The Biology and Therapeutic Approach to BRAF Mutant Cutaneous Melanoma | PER

April 19, 2024
Kevin Wood, MD; and Jason Luke, MD, FACP

Introduction

Melanoma is the fifth and seventh most common cancer in American men and women, respectively.¹ Its incidence continues to rise dramatically, and the approach to therapy has changed dramatically in recent years. Chemotherapy was previously considered the standard of care for these patients, but was associated with no overall survival (OS) benefit.² Advancements in immunotherapy and targeted therapy agents have now provided multiple options with known OS benefit. In the treatment of BRAF-mutated metastatic melanoma, the possible algorithms for treatment are especially complex and an optimal approach is still being investigated.
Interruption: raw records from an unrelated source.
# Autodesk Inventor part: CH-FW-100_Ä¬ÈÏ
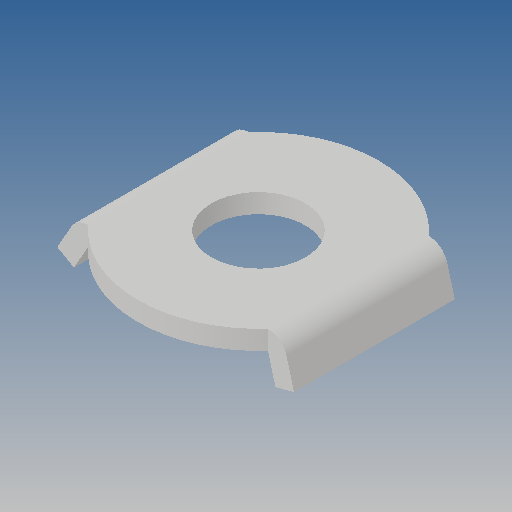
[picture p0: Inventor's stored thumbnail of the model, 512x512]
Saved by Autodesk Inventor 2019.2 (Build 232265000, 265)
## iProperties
Created: 2010-06
Part Number: CH-FW-100_Ä¬ÈÏ
Material: Ogólny
Document SubType Name: Modeling
Designer: CADENGINEERING4
Density: 1 g/cm^3
Appearance: Domyślna
Author: CADENGINEERING4
Revision Number: ÈÎºÎ
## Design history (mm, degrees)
feature "NONE"
node "Bryła1"

BRAF, a proto-oncogene belonging to the raf/mil family of serine/threonine protein kinases, is the most common gene associated with mutations in cutaneous melanoma, occurring in 40% to 50% of patients.³ The resulting activation of mitogen activated protein kinase (MAPK) pathway leads to oncogenesis
through stimulation of cellular growth and inhibition of apoptosis.⁴ Clinical trials have demonstrated a median progression-free survival of approximately 12 months with combining a targeted BRAF inhibitor with a MEK inhibitor.⁵ Simultaneously, trials with immunotherapy agents have demonstrated long-term disease control in a subset of patients. This article will review the biology of BRAF-mutated melanoma, discuss current evidence and challenges for approaching therapy for these patients, and explore future clinical investigations.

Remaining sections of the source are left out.